I agree with the answer by @sebastiangeiger that the problem is really about vehicle ownerships rather than vehicles. I am going to suggest using his answer but with a few changes. I would make the Ownership class a generic class:

public class Vehicle {}

public abstract class Ownership<T>
{
    public T Item { get; set; }

    public DateTime LastPaidTime { get; set; }

    public abstract TimeSpan PaymentInterval { get; }

    public virtual bool HasToPay
    {
        get { return (DateTime.Today - this.LastPaidTime) >= this.PaymentInterval; }
    }
}

And use inheritance to specify the payment interval for each vehicle type.
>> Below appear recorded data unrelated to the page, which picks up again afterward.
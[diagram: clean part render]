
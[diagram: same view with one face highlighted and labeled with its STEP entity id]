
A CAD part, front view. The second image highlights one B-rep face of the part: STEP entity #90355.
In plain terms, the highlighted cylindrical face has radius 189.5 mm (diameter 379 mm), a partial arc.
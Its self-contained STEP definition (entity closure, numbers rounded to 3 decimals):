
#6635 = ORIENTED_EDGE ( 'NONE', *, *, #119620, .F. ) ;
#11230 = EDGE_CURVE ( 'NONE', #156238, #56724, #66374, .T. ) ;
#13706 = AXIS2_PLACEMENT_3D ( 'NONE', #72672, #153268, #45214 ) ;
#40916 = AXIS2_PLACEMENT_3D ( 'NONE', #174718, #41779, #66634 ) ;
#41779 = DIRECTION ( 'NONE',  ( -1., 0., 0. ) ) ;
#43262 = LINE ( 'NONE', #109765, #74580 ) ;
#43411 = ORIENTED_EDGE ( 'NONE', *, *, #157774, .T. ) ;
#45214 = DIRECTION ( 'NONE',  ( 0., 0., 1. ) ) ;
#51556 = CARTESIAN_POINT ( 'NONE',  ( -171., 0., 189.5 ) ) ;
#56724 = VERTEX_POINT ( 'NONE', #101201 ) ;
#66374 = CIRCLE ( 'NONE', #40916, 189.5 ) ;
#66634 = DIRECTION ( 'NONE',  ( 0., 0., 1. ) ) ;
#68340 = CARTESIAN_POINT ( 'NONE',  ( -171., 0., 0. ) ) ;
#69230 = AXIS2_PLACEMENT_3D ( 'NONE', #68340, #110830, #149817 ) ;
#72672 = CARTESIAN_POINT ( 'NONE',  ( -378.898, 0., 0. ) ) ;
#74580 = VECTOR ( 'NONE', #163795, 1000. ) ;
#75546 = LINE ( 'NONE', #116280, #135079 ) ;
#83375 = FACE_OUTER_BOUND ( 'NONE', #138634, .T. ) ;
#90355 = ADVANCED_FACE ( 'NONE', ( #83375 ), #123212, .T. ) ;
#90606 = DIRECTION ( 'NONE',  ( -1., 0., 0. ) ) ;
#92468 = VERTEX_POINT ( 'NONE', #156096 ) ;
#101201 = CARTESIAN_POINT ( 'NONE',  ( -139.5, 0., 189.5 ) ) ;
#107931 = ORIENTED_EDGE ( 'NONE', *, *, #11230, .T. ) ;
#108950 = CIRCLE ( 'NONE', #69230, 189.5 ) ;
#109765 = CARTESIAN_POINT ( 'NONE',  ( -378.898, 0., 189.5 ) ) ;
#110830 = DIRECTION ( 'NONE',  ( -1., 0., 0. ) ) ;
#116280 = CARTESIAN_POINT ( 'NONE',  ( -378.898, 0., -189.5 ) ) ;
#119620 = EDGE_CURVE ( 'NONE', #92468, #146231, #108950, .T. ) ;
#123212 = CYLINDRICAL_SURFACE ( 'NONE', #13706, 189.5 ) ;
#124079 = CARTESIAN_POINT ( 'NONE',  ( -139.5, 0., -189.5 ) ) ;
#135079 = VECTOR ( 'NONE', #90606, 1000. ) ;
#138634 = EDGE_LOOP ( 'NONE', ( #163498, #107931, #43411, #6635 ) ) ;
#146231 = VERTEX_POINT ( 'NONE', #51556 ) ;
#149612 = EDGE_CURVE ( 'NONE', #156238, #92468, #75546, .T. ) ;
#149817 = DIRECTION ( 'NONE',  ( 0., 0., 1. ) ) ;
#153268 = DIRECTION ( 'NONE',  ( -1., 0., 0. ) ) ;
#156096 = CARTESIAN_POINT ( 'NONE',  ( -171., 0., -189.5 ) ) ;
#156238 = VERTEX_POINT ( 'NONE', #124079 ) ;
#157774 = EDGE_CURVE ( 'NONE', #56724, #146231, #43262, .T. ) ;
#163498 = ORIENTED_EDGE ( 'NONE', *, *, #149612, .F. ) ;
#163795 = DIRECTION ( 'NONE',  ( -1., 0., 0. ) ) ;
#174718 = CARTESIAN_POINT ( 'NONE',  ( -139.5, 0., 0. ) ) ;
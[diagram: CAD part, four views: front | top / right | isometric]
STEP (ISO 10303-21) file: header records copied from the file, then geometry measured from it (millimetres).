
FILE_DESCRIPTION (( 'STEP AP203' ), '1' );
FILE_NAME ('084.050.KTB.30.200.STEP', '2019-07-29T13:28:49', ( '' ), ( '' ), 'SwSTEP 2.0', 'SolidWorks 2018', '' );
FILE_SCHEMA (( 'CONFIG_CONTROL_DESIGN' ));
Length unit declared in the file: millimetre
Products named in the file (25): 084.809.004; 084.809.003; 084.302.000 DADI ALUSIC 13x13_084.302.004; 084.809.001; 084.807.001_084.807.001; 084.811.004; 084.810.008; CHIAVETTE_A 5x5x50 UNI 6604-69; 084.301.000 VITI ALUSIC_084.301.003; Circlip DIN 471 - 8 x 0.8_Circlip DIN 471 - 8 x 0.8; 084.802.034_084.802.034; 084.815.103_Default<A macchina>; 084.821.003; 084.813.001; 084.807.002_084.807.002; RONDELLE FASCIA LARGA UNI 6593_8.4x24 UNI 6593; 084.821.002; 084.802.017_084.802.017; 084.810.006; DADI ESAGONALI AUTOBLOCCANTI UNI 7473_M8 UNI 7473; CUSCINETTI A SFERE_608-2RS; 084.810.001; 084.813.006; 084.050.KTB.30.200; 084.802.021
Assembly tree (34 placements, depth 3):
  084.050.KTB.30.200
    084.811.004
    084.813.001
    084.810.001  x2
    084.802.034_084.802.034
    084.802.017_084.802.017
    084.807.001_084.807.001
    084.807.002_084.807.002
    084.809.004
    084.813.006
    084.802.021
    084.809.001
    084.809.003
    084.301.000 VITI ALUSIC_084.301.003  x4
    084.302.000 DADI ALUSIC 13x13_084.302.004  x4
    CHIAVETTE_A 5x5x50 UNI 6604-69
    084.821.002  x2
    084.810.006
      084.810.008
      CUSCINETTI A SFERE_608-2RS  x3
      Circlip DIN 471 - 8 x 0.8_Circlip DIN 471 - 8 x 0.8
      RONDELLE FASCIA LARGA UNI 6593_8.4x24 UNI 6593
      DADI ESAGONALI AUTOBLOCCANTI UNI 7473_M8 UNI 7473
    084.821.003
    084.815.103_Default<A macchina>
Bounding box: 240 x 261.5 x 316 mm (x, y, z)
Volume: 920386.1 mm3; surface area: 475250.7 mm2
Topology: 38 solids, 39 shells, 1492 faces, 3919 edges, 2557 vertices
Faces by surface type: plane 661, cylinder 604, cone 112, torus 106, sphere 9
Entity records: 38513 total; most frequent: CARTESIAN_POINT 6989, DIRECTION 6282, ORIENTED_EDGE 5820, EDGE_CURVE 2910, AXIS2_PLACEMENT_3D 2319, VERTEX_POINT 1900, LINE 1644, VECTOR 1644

I also suggest using the strongly-typed TimeSpan class instead of plain integers:

public class CarOwnership : Ownership<Vehicle>
{
    public override TimeSpan PaymentInterval
    {
        get { return new TimeSpan(30, 0, 0, 0); }
    }
}

public class MotorbikeOwnership : Ownership<Vehicle>
{
    public override TimeSpan PaymentInterval
    {
        get { return new TimeSpan(60, 0, 0, 0); }
    }
}

Now your actual code only needs to deal with one class - Ownership<Vehicle>.

public class PublicAdministration
{
    List<Ownership<Vehicle>> VehicleOwnerships { get; set; }

    public IEnumerable<Vehicle> GetVehiclesThatHaveToPay()
    {
        return VehicleOwnerships.Where(x => x.HasToPay).Select(x => x.Item);
    }
}

Answer 7

I hate to break it to you, but you have an anemic domain, i.e. business logic outside of objects. If this is what you are going for that is okay, but you should read about reasons to avoid one.

Try not to model the problem domain, but model the solution. That is why you are ending up with parallel inheritance hierarchies and more complexity than you need.

Something like this is all you need for that example:

public class Vehicle
{
    public Boolean isMotorBike()
    public string PlateNumber { get; set; }
    public String Owner { get; set; }
    public DateTime LastPaidTime { get; set; }
}

public class TaxPaymentCalculator
{
    public List<Vehicle> GetVehiclesThatHaveToPay(List<Vehicle> all)
}

If you want to follow SOLID that is great, but as Uncle Bob said himself, they are just engineering principles. They are not meant to be stringently applied, but are guidelines that should be considered.

Answer 8

I think you're right that the payment period is not a property of the actual Car/Motorbike. But it is an attribute of the class of vehicle.

While you could go down the road of having an if/select on the Type of object, this is not very scalable. If you later add lorry and Segway and push bike and bus and aeroplane (may seem unlikely, but you never know with public services) then the condition becomes larger. And if you want to change the rules for a lorry, you have to find it in that list.

So why not make it, quite literally, an attribute and use reflection to pull it out? Something like this:

[DaysBetweenPayments(30)]
public class Car : Vehicle
{
    // actual properties of the physical vehicle
}

[AttributeUsage(AttributeTargets.Class, Inherited = false)]
public class DaysBetweenPaymentsAttribute : Attribute, IPaymentRequiredCalculator
{
    private int _days;

    public DaysBetweenPaymentAttribute(int days)
    {
        _days = days;
    }

    public bool HasToPay(Vehicle vehicle)
    {
        return vehicle.LastPaid.AddDays(_days) <= DateTime.Now;
    }
}

You could also go with a static variable, if that is more comfortable.

The downsides are

• that it will be slightly slower, and I'm assuming you have to process a lot of vehicles. If that is an issue then I might take a more pragmatic view and stick with the abstract property or interfaced approach. (Although, I'd consider caching by type too.)

• You will have to validate at startup that each Vehicle subclass has an IPaymentRequiredCalculator attribute (or allow a default), because you don't want it to process 1000 cars, only to crash because Motorbike doesn't have a PaymentPeriod.

The upside is that if you later come across a calendar month or annual payment, you can just write a new attribute class. This is the very definition of OCP.